Once again, this is not reproducible for me.

@davedeaven you did make me wonder though, what happens if you do s.trust_env = False first? Also do you have a .netrc that's supplying your authorization headers here or did you leave out code? Finally, when you see the 403, what does r.history show you?

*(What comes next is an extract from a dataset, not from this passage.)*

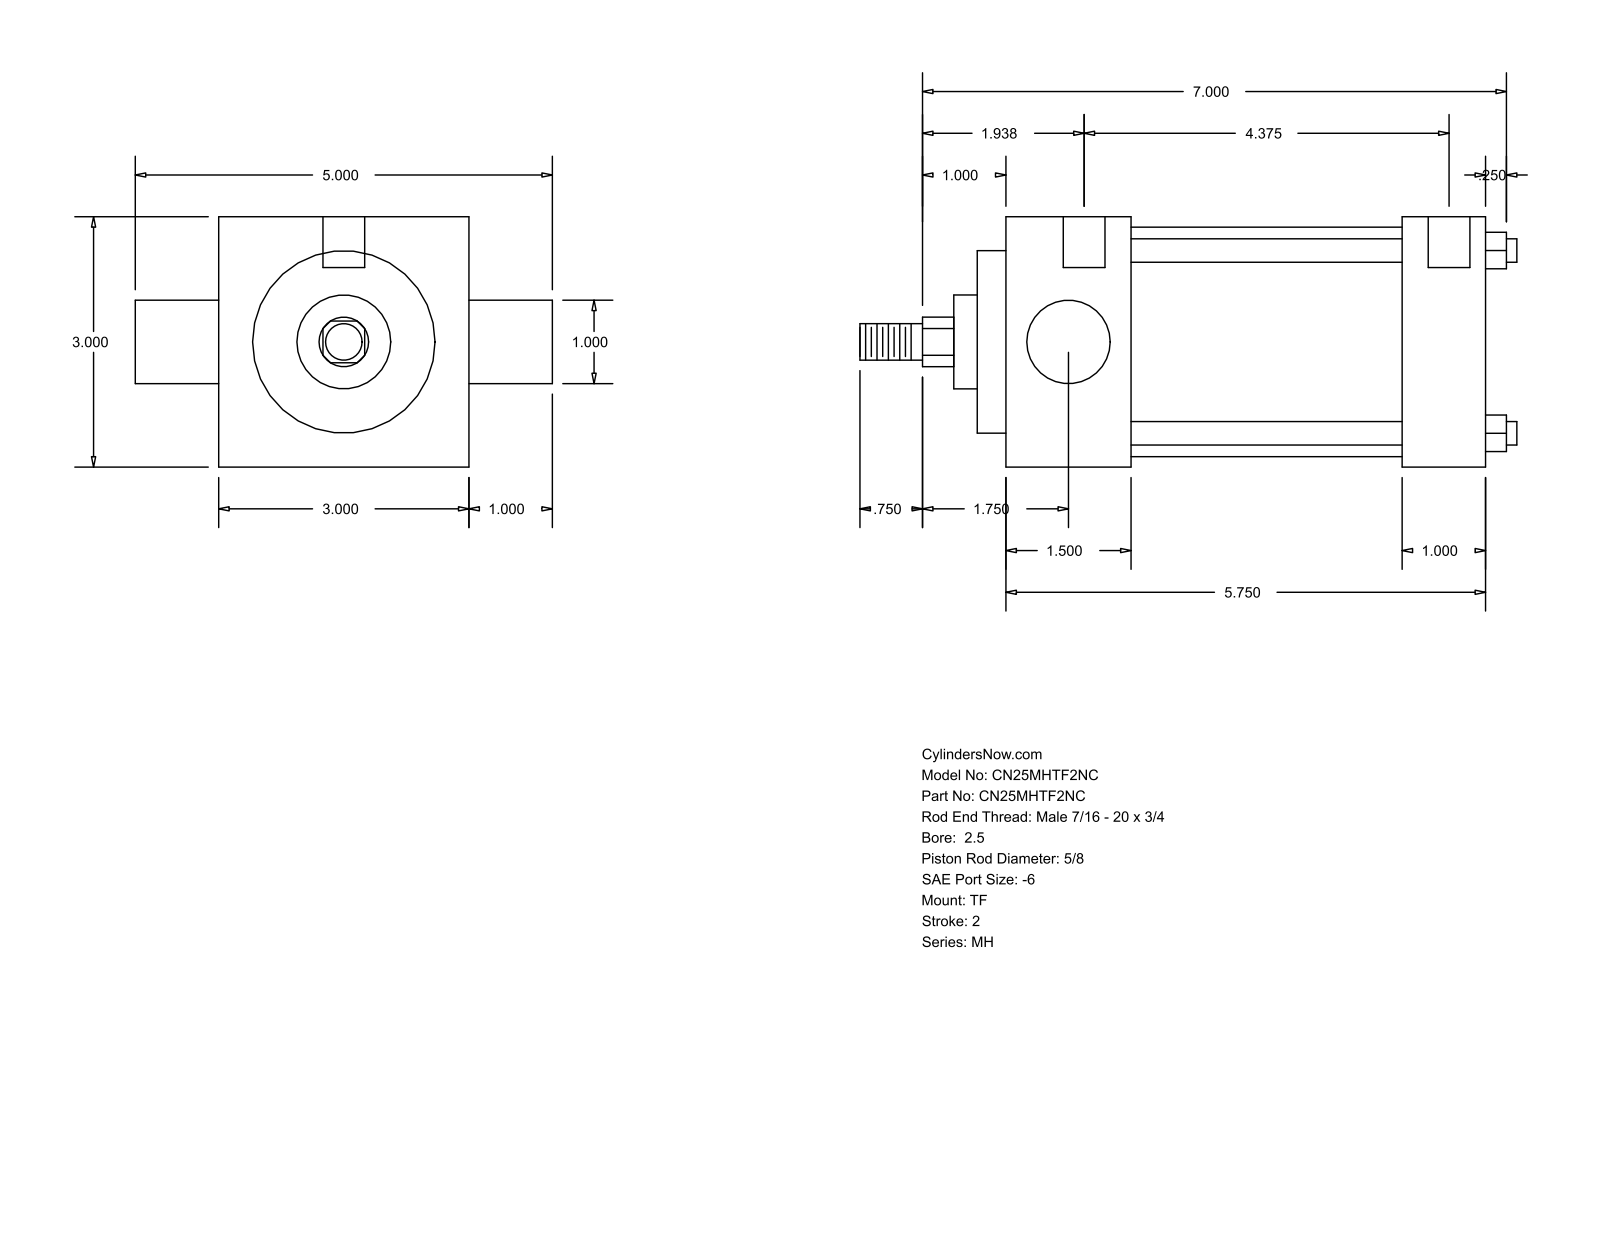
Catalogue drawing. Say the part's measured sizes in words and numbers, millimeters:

davedeaven commented 3 years ago

@sigmavirus24, I tried the s.trust_env, it works.

>>> import requests
>>> url = 'https://open.live.bbc.co.uk/mediaselector/6/redir/version/2.0/mediaset/audio-nondrm-download-low/proto/http/vpid/p09s18sm.mp3'
>>> s = requests.Session()
>>> s.trust_env = False
>>> r = s.get(url)
>>> r
<Response [200]>
>>> r.history
[<Response [302]>, <Response [302]>]
>>> s.trust_env = True
>>> r = s.get(url)
>>> r
<Response [403]>
>>> r.history
[]

And you are correct, I do have a ~/.netrc of the form default login anonymous password deaven@deaven.net If I remove this, then the request is successful even without the s.trust_env setting. So that is the cause... this solves my issue because I do not need the ~/.netrc file, it was left over from an earlier era. Although it does seem to be somewhat unexpected behavior that the prepared request works differently, and I will note that in the same environment, tools like wget (and browsers) work fine to retrieve this URL

Really appreciate the fast response on this, thank you!

purarue commented 3 years ago

Seems to be the same issue I had - I also had a .netrc file which had information to login to github like

machine api.github.com
    login seanbreckenridge
    password something_here

Removing that file or setting the trust_env fixes my issue

sigmavirus24 commented 3 years ago

Yeah, I'll be completely transparent, I hate that we use as much of the environment as we do (.netrc, REQUESTS_CA_BUNDLE, CURL_CA_BUNDLE, etc.)